--- What you should do ---
Starting at the line that has "import ifcopenshell.guid" and stopping after the line that has "made of it])", reproduce the listing below exactly; omit everything else.

━━━ Input records ━━━

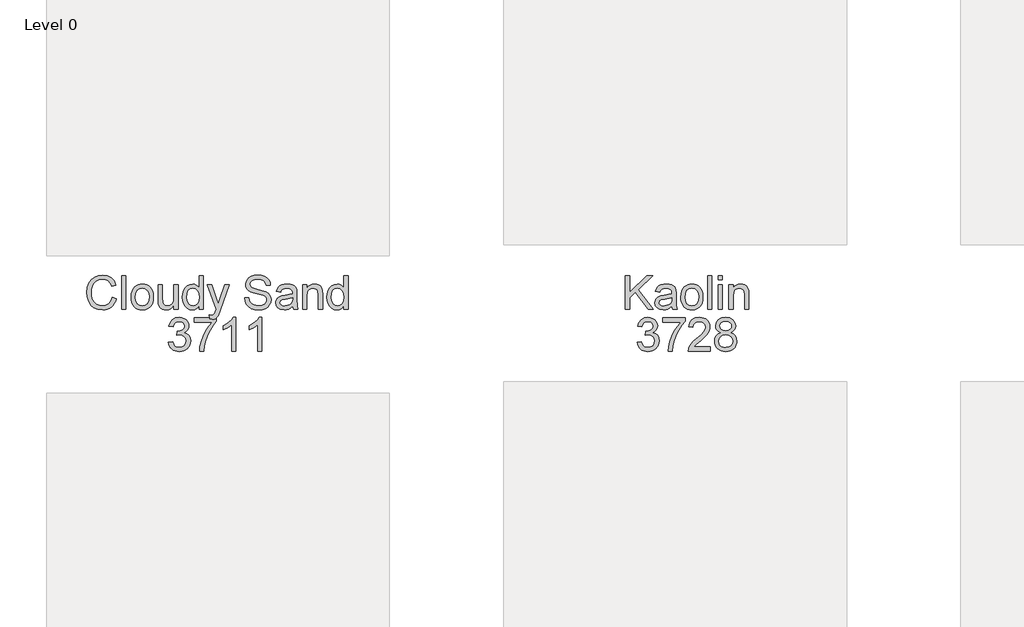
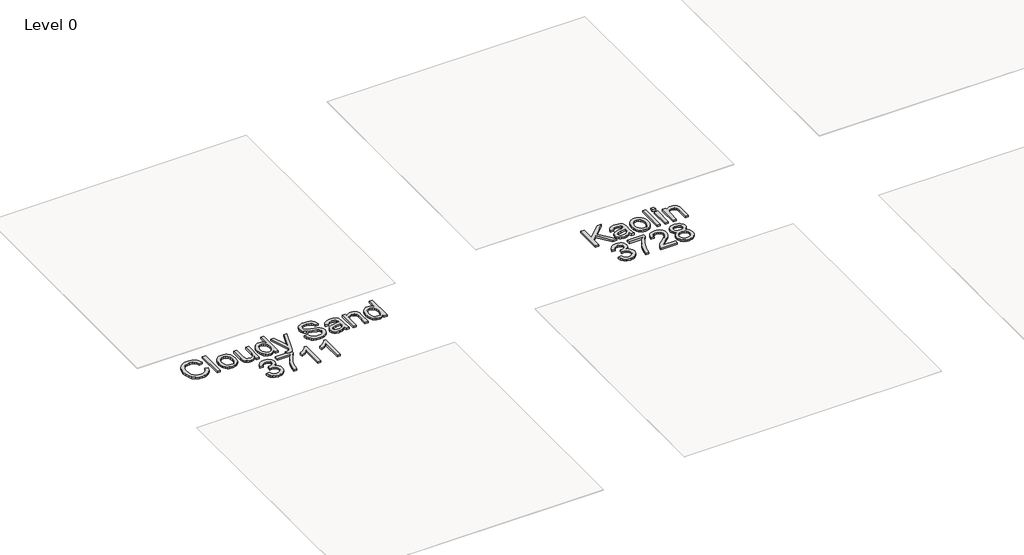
# One storey, part 2 of 14: 2 proxies.
"""IFC4 building model written with IfcOpenShell, lengths in millimetres."""

import ifcopenshell
import ifcopenshell.guid

model = None  # the IFC model being written
_history = None  # IfcOwnerHistory: only IFC2X3 demands one
_inside = {}  # id of a spatial element -> (the spatial element, [elements in it])
_under = {}  # id of a project, library or spatial element -> (it, [spatial elements below it])
_declared = {}  # id of a project -> (the project, [libraries it declares])
_typed = {}  # id of a type object -> (the type object, [elements of that type])
_made_of = {}  # id of a material, layer set ... -> (it, [elements and type objects made of it])


def new_model(schema):
    """Start an empty IFC model of exactly this schema.

    Asked for "IFC4X3", IfcOpenShell would pick the latest addendum, in which some entities
    have other attributes; the version numbers below select the first issue.
    IFC2X3 requires an IfcOwnerHistory on every rooted entity: one is made here for all.
    """
    global model, _history
    if schema == "IFC4X3":
        model = ifcopenshell.file(schema_version=(4, 3, 0, 0))
    else:
        model = ifcopenshell.file(schema=schema)
    _inside.clear()
    _under.clear()
    _declared.clear()
    _typed.clear()
    _made_of.clear()
    _history = None
    if model.schema == "IFC2X3":
        org = make("IfcOrganization", Name="unknown")
        user = make(
            "IfcPersonAndOrganization",
            ThePerson=make("IfcPerson", FamilyName="unknown"),
            TheOrganization=org,
        )
        app = make(
            "IfcApplication",
            ApplicationDeveloper=org,
            Version="unknown",
            ApplicationFullName="unknown",
            ApplicationIdentifier="unknown",
        )
        _history = make(
            "IfcOwnerHistory",
            OwningUser=user,
            OwningApplication=app,
            ChangeAction="ADDED",
            CreationDate=0,
        )
    return model


def make(cls, **values):
    """One entity of the class cls with the attributes given. An attribute that is None is left unset."""
    return model.create_entity(
        cls, **{name: value for name, value in values.items() if value is not None}
    )


def rooted(cls, **values):
    """An entity with a GlobalId (a new one), such as an element, a storey or a relation."""
    return make(cls, GlobalId=ifcopenshell.guid.new(), OwnerHistory=_history, **values)


def si_unit(unit_type, name, prefix=None):
    """IfcSIUnit, for example si_unit("LENGTHUNIT", "METRE", prefix="MILLI")."""
    return make("IfcSIUnit", UnitType=unit_type, Prefix=prefix, Name=name)


def assignment(units):
    """IfcUnitAssignment: the units of a project."""
    return None if units is None else make("IfcUnitAssignment", Units=units)


def point(xyz):
    """IfcCartesianPoint."""
    return None if xyz is None else make("IfcCartesianPoint", Coordinates=xyz)


def direction(xyz):
    """IfcDirection."""
    return None if xyz is None else make("IfcDirection", DirectionRatios=xyz)


def frame(location, z_axis=None, x_axis=None):
    """IfcAxis2Placement3D, a coordinate frame: its origin and axes. An axis left out is left unset."""
    return make(
        "IfcAxis2Placement3D",
        Location=point(location),
        Axis=direction(z_axis),
        RefDirection=direction(x_axis),
    )


def origin():
    """The frame at (0, 0, 0) with its axes left unset."""
    return frame((0.0, 0.0, 0.0))


def origin_with_axes():
    """The frame at (0, 0, 0) with the z axis (0, 0, 1) and the x axis (1, 0, 0) written out."""
    return frame((0.0, 0.0, 0.0), z_axis=(0.0, 0.0, 1.0), x_axis=(1.0, 0.0, 0.0))


def place(relative_to, where):
    """IfcLocalPlacement: puts the frame where relative to a parent placement (None: the world)."""
    return make(
        "IfcLocalPlacement", PlacementRelTo=relative_to, RelativePlacement=where
    )


def context(
    kind, dimensions, precision=None, world=None, true_north=None, identifier=None
):
    """IfcGeometricRepresentationContext, for example the 3D "Model" context."""
    return make(
        "IfcGeometricRepresentationContext",
        ContextIdentifier=identifier,
        ContextType=kind,
        CoordinateSpaceDimension=dimensions,
        Precision=precision,
        WorldCoordinateSystem=world,
        TrueNorth=true_north,
    )


def project(units=None, contexts=None):
    """IfcProject with its units and contexts."""
    return rooted(
        "IfcProject",
        Name="project",
        RepresentationContexts=contexts,
        UnitsInContext=assignment(units),
    )


def spatial(cls, under=None, at=None, **own):
    """A site, building, storey or space (cls), placed at a placement, below another one or the project."""
    s = rooted(cls, ObjectPlacement=at, **own)
    if under is not None:
        _under.setdefault(under.id(), (under, []))[1].append(s)
    return s


def polyline(points):
    """IfcPolyline through the points."""
    return make("IfcPolyline", Points=[point(p) for p in points])


def outline(outer, holes=None, kind="AREA"):
    """IfcArbitraryClosedProfileDef: a profile drawn as a closed curve; with holes, ...WithVoids."""
    if holes is None:
        return make("IfcArbitraryClosedProfileDef", ProfileType=kind, OuterCurve=outer)
    return make(
        "IfcArbitraryProfileDefWithVoids",
        ProfileType=kind,
        OuterCurve=outer,
        InnerCurves=holes,
    )


def extrude(swept, where, along, depth):
    """IfcExtrudedAreaSolid: the profile swept, set in the frame where, extruded along a direction by depth."""
    return make(
        "IfcExtrudedAreaSolid",
        SweptArea=swept,
        Position=where,
        ExtrudedDirection=direction(along),
        Depth=depth,
    )


def shape(context_of_items, identifier, shape_type, items):
    """IfcShapeRepresentation: the items that make up one representation, for example the "Body"."""
    return make(
        "IfcShapeRepresentation",
        ContextOfItems=context_of_items,
        RepresentationIdentifier=identifier,
        RepresentationType=shape_type,
        Items=items,
    )


def made_of(thing, what):
    """Note that an element or type object is made of a material, layer set ...; save() writes the relation."""
    if what is not None:
        _made_of.setdefault(what.id(), (what, []))[1].append(thing)
    return thing


def element(
    cls,
    number,
    at=None,
    inside=None,
    cuts=None,
    type_object=None,
    material=None,
    context=None,
    identifier="Body",
    shape_type=None,
    held_by="IfcProductDefinitionShape",
    body=None,
    shapes=None,
    **own,
):
    """One element of the class cls, such as IfcWall. Its Tag is "e" and its number.

    at: its placement. inside: the storey or other place that contains it. cuts: it is an
    opening in that element (IfcRelVoidsElement). A single representation is given by context,
    identifier, shape_type and body (its items); several are given by shapes. held_by: the class
    of the entity that holds the representations. save() writes the other relations.
    """
    e = rooted(cls, Tag="e%d" % number, ObjectPlacement=at, **own)
    if body is not None:
        shapes = [shape(context, identifier, shape_type, body)]
    if shapes is not None:
        e.Representation = make(held_by, Representations=shapes)
    if inside is not None:
        _inside.setdefault(inside.id(), (inside, []))[1].append(e)
    if cuts is not None:
        rooted(
            "IfcRelVoidsElement", RelatingBuildingElement=cuts, RelatedOpeningElement=e
        )
    if type_object is not None:
        _typed.setdefault(type_object.id(), (type_object, []))[1].append(e)
    return made_of(e, material)


def aggregate(whole, parts):
    """IfcRelAggregates: a whole, such as a stair, and the parts it consists of."""
    return rooted("IfcRelAggregates", RelatingObject=whole, RelatedObjects=parts)


def save(model, path):
    """Write the relations noted so far, then the file.

    IfcRelAggregates (storeys below a building ...), IfcRelContainedInSpatialStructure (elements
    in a storey), IfcRelDefinesByType, IfcRelAssociatesMaterial and IfcRelDeclares: one each for
    every whole, place, type object, material and project.
    """
    for whole, parts in _under.values():
        aggregate(whole, parts)
    for where, things in _inside.values():
        rooted(
            "IfcRelContainedInSpatialStructure",
            RelatedElements=things,
            RelatingStructure=where,
        )
    for kind, things in _typed.values():
        rooted("IfcRelDefinesByType", RelatedObjects=things, RelatingType=kind)
    for what, things in _made_of.values():
        rooted("IfcRelAssociatesMaterial", RelatedObjects=things, RelatingMaterial=what)
    for by, libraries in _declared.values():
        rooted("IfcRelDeclares", RelatingContext=by, RelatedDefinitions=libraries)
    model.write(path)


model = new_model("IFC4")

# Units and contexts
model_context = context("Model", 3, world=origin())
ifc_project = project(units=[si_unit("LENGTHUNIT", "METRE", prefix="MILLI")], contexts=[model_context])

# Site, building, storey
site = spatial("IfcSite", under=ifc_project)
building = spatial("IfcBuilding", under=site)
storey = spatial("IfcBuildingStorey", under=building, Name="Level 0", Elevation=0.0)

# Proxies
placement = place(None, origin())
element("IfcBuildingElementProxy", 1, Name="300mm Arial", ObjectType="300mm Arial", at=placement, inside=storey, context=model_context, shape_type="SweptSolid", body=[
    extrude(outline(polyline([(-8877.729111, -19232.1730179), (-8840.806034, -19241.6922486), (-8848.1122239, -19264.6542378), (-8857.8432937, -19284.71809), (-8869.9992432, -19301.8838051), (-8884.5800725, -19316.1513832), (-8901.2567552, -19327.3675792), (-8919.7002648, -19335.3791477), (-8939.9106014, -19340.1860888), (-8961.8877648, -19341.7884025), (-9004.7152889, -19336.9386429), (-9038.7267071, -19322.389364), (-9064.7964187, -19298.6453736), (-9083.7988225, -19266.2114794), (-9095.400385, -19228.0804698), (-9099.2675725, -19187.2451332), (-9094.8955773, -19144.1742198), (-9081.7795917, -19106.9807102), (-9060.6047119, -19076.8454938), (-9032.056034, -19054.9494602), (-8998.197861, -19041.6171284), (-8961.0944956, -19037.1730179), (-8920.6107215, -19042.9242198), (-8902.9987925, -19050.1132222), (-8887.1401687, -19060.1778255), (-8873.2962684, -19072.8521044), (-8861.72851, -19087.8701332), (-8845.4214187, -19124.9374409), (-8882.3444956, -19133.7355179), (-8895.1449764, -19106.8094361), (-8912.6329571, -19088.3388832), (-8935.024784, -19077.6567919), (-8962.5368033, -19074.0960948), (-8994.2495437, -19078.0444121), (-9020.3012264, -19089.889364), (-9040.0698562, -19108.3869602), (-9052.9334379, -19132.2932102), (-9059.9917312, -19159.3184505), (-9062.3444956, -19187.1730179), (-9059.5590389, -19221.2835948), (-9051.2026687, -19250.7787871), (-9036.9598802, -19274.5317919), (-9016.5151687, -19291.4158063), (-8992.0049523, -19301.5029457), (-8965.5656494, -19304.8653255), (-8934.7453369, -19300.2859986), (-8909.0632456, -19286.5480179), (-8889.6732215, -19263.795614), (-8877.729111, -19232.1730179)])), origin_with_axes(), (0.0, 0.0, 1.0), 20.0),
    extrude(outline(polyline([(-8794.6521879, -19337.1730179), (-8794.6521879, -19041.7884025), (-8757.729111, -19041.7884025), (-8757.729111, -19337.1730179), (-8794.6521879, -19337.1730179)])), origin_with_axes(), (0.0, 0.0, 1.0), 20.0),
    extrude(outline(polyline([(-8711.5752648, -19228.7114794), (-8709.5785701, -19200.6180299), (-8703.588486, -19176.4097967), (-8693.6050124, -19156.0867799), (-8679.6281494, -19139.6489794), (-8665.556635, -19129.1426693), (-8650.024784, -19121.6381621), (-8633.0325965, -19117.1354578), (-8614.5800725, -19115.6345563), (-8594.20973, -19117.4622306), (-8575.79101, -19122.9452534), (-8559.3239127, -19132.0836248), (-8544.8084379, -19144.8773448), (-8532.9612324, -19160.893721), (-8524.4989427, -19179.7000611), (-8519.4215689, -19201.2963652), (-8517.729111, -19225.6826332), (-8520.7218994, -19262.9843159), (-8529.7002648, -19291.3797486), (-8544.4027889, -19312.6447727), (-8564.5680533, -19328.5552294), (-8588.5193754, -19338.4801092), (-8614.5800725, -19341.7884025), (-8635.247891, -19339.967489), (-8653.837885, -19334.5047486), (-8670.3500545, -19325.4001813), (-8684.7843994, -19312.6537871), (-8696.505403, -19296.4819121), (-8704.8775485, -19277.1009025), (-8709.9008357, -19254.5107582), (-8711.5752648, -19228.7114794)]), holes=[polyline([(-8674.6521879, -19228.639364), (-8670.3793514, -19262.0558304), (-8657.5608417, -19285.8629217), (-8638.2699764, -19300.1147246), (-8614.5800725, -19304.8653255), (-8590.9983417, -19300.0876813), (-8571.743534, -19285.7547486), (-8558.9250244, -19261.6321525), (-8554.6521879, -19227.4855179), (-8558.9520677, -19195.0426092), (-8571.8517071, -19171.5600371), (-8591.1335581, -19157.3082342), (-8614.5800725, -19152.5576332), (-8638.2699764, -19157.2902054), (-8657.5608417, -19171.4879217), (-8670.3793514, -19195.2409265), (-8674.6521879, -19228.639364)])]), origin_with_axes(), (0.0, 0.0, 1.0), 20.0),
    extrude(outline(polyline([(-8337.729111, -19337.1730179), (-8337.729111, -19299.889364), (-8351.088486, -19318.2201933), (-8366.6473802, -19331.3136429), (-8384.4057937, -19339.1697126), (-8404.3637264, -19341.7884025), (-8422.3475004, -19339.9494602), (-8439.087284, -19334.4326332), (-8453.1317552, -19326.139364), (-8463.0295917, -19315.9710948), (-8474.0271879, -19288.7835948), (-8476.1906494, -19254.4566717), (-8476.1906494, -19120.2499409), (-8439.2675725, -19120.2499409), (-8439.2675725, -19237.076864), (-8437.0319956, -19274.7210948), (-8431.650385, -19287.2781861), (-8422.4286302, -19296.8244602), (-8409.9797119, -19302.8551092), (-8394.916611, -19304.8653255), (-8378.9881254, -19302.8100371), (-8364.087284, -19296.6441717), (-8351.8006254, -19286.935638), (-8343.7146879, -19274.2523448), (-8339.2255052, -19256.8815515), (-8337.729111, -19233.1105179), (-8337.729111, -19120.2499409), (-8300.806034, -19120.2499409), (-8300.806034, -19337.1730179), (-8337.729111, -19337.1730179)])), origin_with_axes(), (0.0, 0.0, 1.0), 20.0),
    extrude(outline(polyline([(-8116.1906494, -19337.1730179), (-8116.1906494, -19302.3412871), (-8127.2378249, -19319.5994001), (-8140.619736, -19331.9266236), (-8156.3363826, -19339.3229578), (-8174.3877648, -19341.7884025), (-8198.2579571, -19338.2186909), (-8220.1089187, -19327.5095563), (-8238.6065148, -19310.4091957), (-8252.416611, -19287.6658063), (-8261.0163706, -19260.1988592), (-8263.8829571, -19228.9278255), (-8261.2417312, -19198.0444121), (-8253.3180533, -19170.1537871), (-8240.1209379, -19146.842489), (-8221.6593994, -19129.6970563), (-8199.3306735, -19119.1501813), (-8174.5319956, -19115.6345563), (-8156.4670917, -19118.1495804), (-8140.493534, -19125.6946525), (-8126.9538706, -19137.2601573), (-8116.1906494, -19151.8364794), (-8116.1906494, -19041.7884025), (-8079.2675725, -19041.7884025), (-8079.2675725, -19337.1730179), (-8116.1906494, -19337.1730179)]), holes=[polyline([(-8226.9598802, -19228.7835948), (-8222.7952167, -19262.1820323), (-8210.3012264, -19285.9350371), (-8192.1461783, -19300.1327534), (-8170.9983417, -19304.8653255), (-8149.8595196, -19300.3490996), (-8132.1642071, -19286.8004217), (-8120.1840389, -19263.966888), (-8116.1906494, -19231.5960948), (-8120.2561542, -19196.2054698), (-8132.4526687, -19171.6682102), (-8150.5987023, -19157.3352775), (-8172.5127648, -19152.5576332), (-8193.8769475, -19157.1459746), (-8211.3829571, -19170.9109986), (-8223.0656494, -19194.5558304), (-8226.9598802, -19228.7835948)])]), origin_with_axes(), (0.0, 0.0, 1.0), 20.0),
    extrude(outline(polyline([(-8023.8829571, -19420.2499409), (-8028.4983417, -19384.6970563), (-8009.7483417, -19387.9422486), (-7992.2243033, -19383.8677294), (-7981.479111, -19372.5095563), (-7971.3829571, -19345.3220563), (-7968.4983417, -19336.3797486), (-8046.9598802, -19120.2499409), (-8008.0175725, -19120.2499409), (-7966.4069956, -19240.6826332), (-7951.9118033, -19288.8557102), (-7937.416611, -19246.3076332), (-7894.6521879, -19120.2499409), (-7855.9983417, -19120.2499409), (-7931.5031494, -19342.3653255), (-7951.118534, -19390.5384025), (-7961.1606014, -19405.9170082), (-7972.5368033, -19416.5720563), (-7985.7519475, -19422.7920082), (-8001.3108417, -19424.8653255), (-8023.8829571, -19420.2499409)])), origin_with_axes(), (0.0, 0.0, 1.0), 20.0),
    extrude(outline(polyline([(-7719.2675725, -19235.6345563), (-7682.3444956, -19235.6345563), (-7678.1077167, -19256.12434), (-7670.4454571, -19272.5936909), (-7658.4923321, -19285.6646044), (-7641.3829571, -19295.9590755), (-7620.4694956, -19302.638763), (-7597.104111, -19304.8653255), (-7576.5331975, -19303.1796284), (-7558.5223802, -19298.1225371), (-7543.9280292, -19290.1177294), (-7533.6065148, -19279.5888832), (-7527.4676927, -19267.5005419), (-7525.4214187, -19254.8172486), (-7526.9538706, -19242.4584746), (-7531.5512264, -19231.7763832), (-7540.8901687, -19222.6628015), (-7556.6473802, -19215.0095563), (-7610.4093994, -19200.9109986), (-7645.7008658, -19191.5810707), (-7668.2819956, -19182.701864), (-7686.6624042, -19170.279989), (-7699.6882456, -19155.2259025), (-7707.4496639, -19137.8641236), (-7710.0368033, -19118.5191717), (-7706.8366831, -19096.8935707), (-7697.2363225, -19076.7283063), (-7681.4881254, -19059.6369602), (-7659.8444956, -19047.233114), (-7633.8649283, -19039.6880419), (-7605.1089187, -19037.1730179), (-7573.9550725, -19039.8052294), (-7546.6954571, -19047.701864), (-7524.3036302, -19060.7006621), (-7507.7531494, -19078.639364), (-7497.2783898, -19100.4001813), (-7493.1137264, -19124.8653255), (-7530.0368033, -19124.8653255), (-7536.8156494, -19102.8340755), (-7550.9502648, -19086.9326332), (-7573.0356014, -19077.3052294), (-7603.666611, -19074.0960948), (-7635.0187744, -19077.2691717), (-7656.5271879, -19086.7884025), (-7668.9670917, -19100.7968159), (-7673.1137264, -19117.4374409), (-7670.1750244, -19131.6261429), (-7661.3589187, -19143.0384025), (-7640.5175725, -19153.2427294), (-7601.0704571, -19163.6634025), (-7535.7339187, -19182.1970563), (-7514.6852408, -19195.592489), (-7500.0007456, -19212.1249409), (-7491.3739427, -19231.6141236), (-7488.4983417, -19253.8797486), (-7491.806635, -19276.6411669), (-7501.7315148, -19298.0504217), (-7517.8673321, -19316.4759025), (-7539.8084379, -19330.2859986), (-7566.1936542, -19338.9128015), (-7595.6618033, -19341.7884025), (-7631.8366831, -19338.6874409), (-7661.6113225, -19329.3845563), (-7685.3282696, -19313.8436909), (-7703.3300725, -19292.0287871), (-7714.8865629, -19265.4542679), (-7719.2675725, -19235.6345563)])), origin_with_axes(), (0.0, 0.0, 1.0), 20.0),
    extrude(outline(polyline([(-7299.2675725, -19309.4807102), (-7316.9087985, -19324.6069121), (-7335.072861, -19334.5047486), (-7354.1744235, -19339.967489), (-7374.6281494, -19341.7884025), (-7405.4845196, -19337.4073929), (-7428.2459379, -19324.264364), (-7442.2813946, -19304.3064313), (-7446.9598802, -19279.4807102), (-7445.1930533, -19264.1742198), (-7439.8925725, -19250.2739794), (-7431.7164908, -19238.3749409), (-7421.322861, -19229.0720563), (-7395.4694956, -19216.9566717), (-7363.5223802, -19211.4037871), (-7325.7699764, -19205.5624409), (-7299.4839187, -19198.7114794), (-7299.2675725, -19190.4903255), (-7301.8096398, -19174.0119602), (-7309.4358417, -19163.2307102), (-7326.4911302, -19155.2259025), (-7350.2531494, -19152.5576332), (-7372.2483417, -19154.3334746), (-7387.6089187, -19159.6609986), (-7398.0836783, -19169.513763), (-7405.4214187, -19184.8653255), (-7442.3444956, -19180.2499409), (-7435.9352408, -19160.0576332), (-7426.3709379, -19144.1922486), (-7412.759159, -19132.0588352), (-7394.2074764, -19123.0624409), (-7371.5181735, -19117.4915275), (-7345.493534, -19115.6345563), (-7320.5325965, -19117.2751813), (-7300.7459379, -19122.1970563), (-7285.8270677, -19129.5978977), (-7275.4694956, -19138.6754217), (-7268.6005052, -19149.8983784), (-7264.1473802, -19163.7355179), (-7262.3444956, -19196.0432102), (-7262.3444956, -19241.9807102), (-7260.4694956, -19306.1273448), (-7253.1137264, -19337.1730179), (-7290.0368033, -19337.1730179), (-7299.2675725, -19309.4807102)]), holes=[polyline([(-7299.2675725, -19235.6345563), (-7358.8348802, -19246.9566717), (-7390.6017071, -19252.9422486), (-7404.9887264, -19262.6778255), (-7410.0368033, -19276.8845563), (-7407.2874042, -19287.8641236), (-7399.0392071, -19296.8605179), (-7385.4725004, -19302.8641236), (-7366.7675725, -19304.8653255), (-7346.9358417, -19302.6567919), (-7329.4118033, -19296.0311909), (-7315.2050725, -19286.2685707), (-7305.3252648, -19274.6489794), (-7300.9442552, -19262.6778255), (-7299.4839187, -19246.0912871), (-7299.2675725, -19235.6345563)])]), origin_with_axes(), (0.0, 0.0, 1.0), 20.0),
    extrude(outline(polyline([(-7211.5752648, -19337.1730179), (-7211.5752648, -19120.2499409), (-7174.6521879, -19120.2499409), (-7174.6521879, -19150.5384025), (-7161.8246639, -19135.2679698), (-7146.4190148, -19124.3605179), (-7128.4352408, -19117.8160467), (-7107.8733417, -19115.6345563), (-7089.6732215, -19117.3923688), (-7073.0055533, -19122.6658063), (-7059.1053129, -19130.7968159), (-7049.2074764, -19141.1273448), (-7038.1377648, -19168.2787871), (-7036.1906494, -19203.9759025), (-7036.1906494, -19337.1730179), (-7073.1137264, -19337.1730179), (-7073.1137264, -19208.951864), (-7077.368534, -19176.2835948), (-7083.2549523, -19166.5570323), (-7092.4045917, -19159.0119602), (-7104.1323562, -19154.171215), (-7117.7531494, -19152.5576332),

━━━

--- Exercise answer ---
import ifcopenshell.guid

model = None  # the IFC model being written
_history = None  # IfcOwnerHistory: only IFC2X3 demands one
_inside = {}  # id of a spatial element -> (the spatial element, [elements in it])
_under = {}  # id of a project, library or spatial element -> (it, [spatial elements below it])
_declared = {}  # id of a project -> (the project, [libraries it declares])
_typed = {}  # id of a type object -> (the type object, [elements of that type])
_made_of = {}  # id of a material, layer set ... -> (it, [elements and type objects made of it])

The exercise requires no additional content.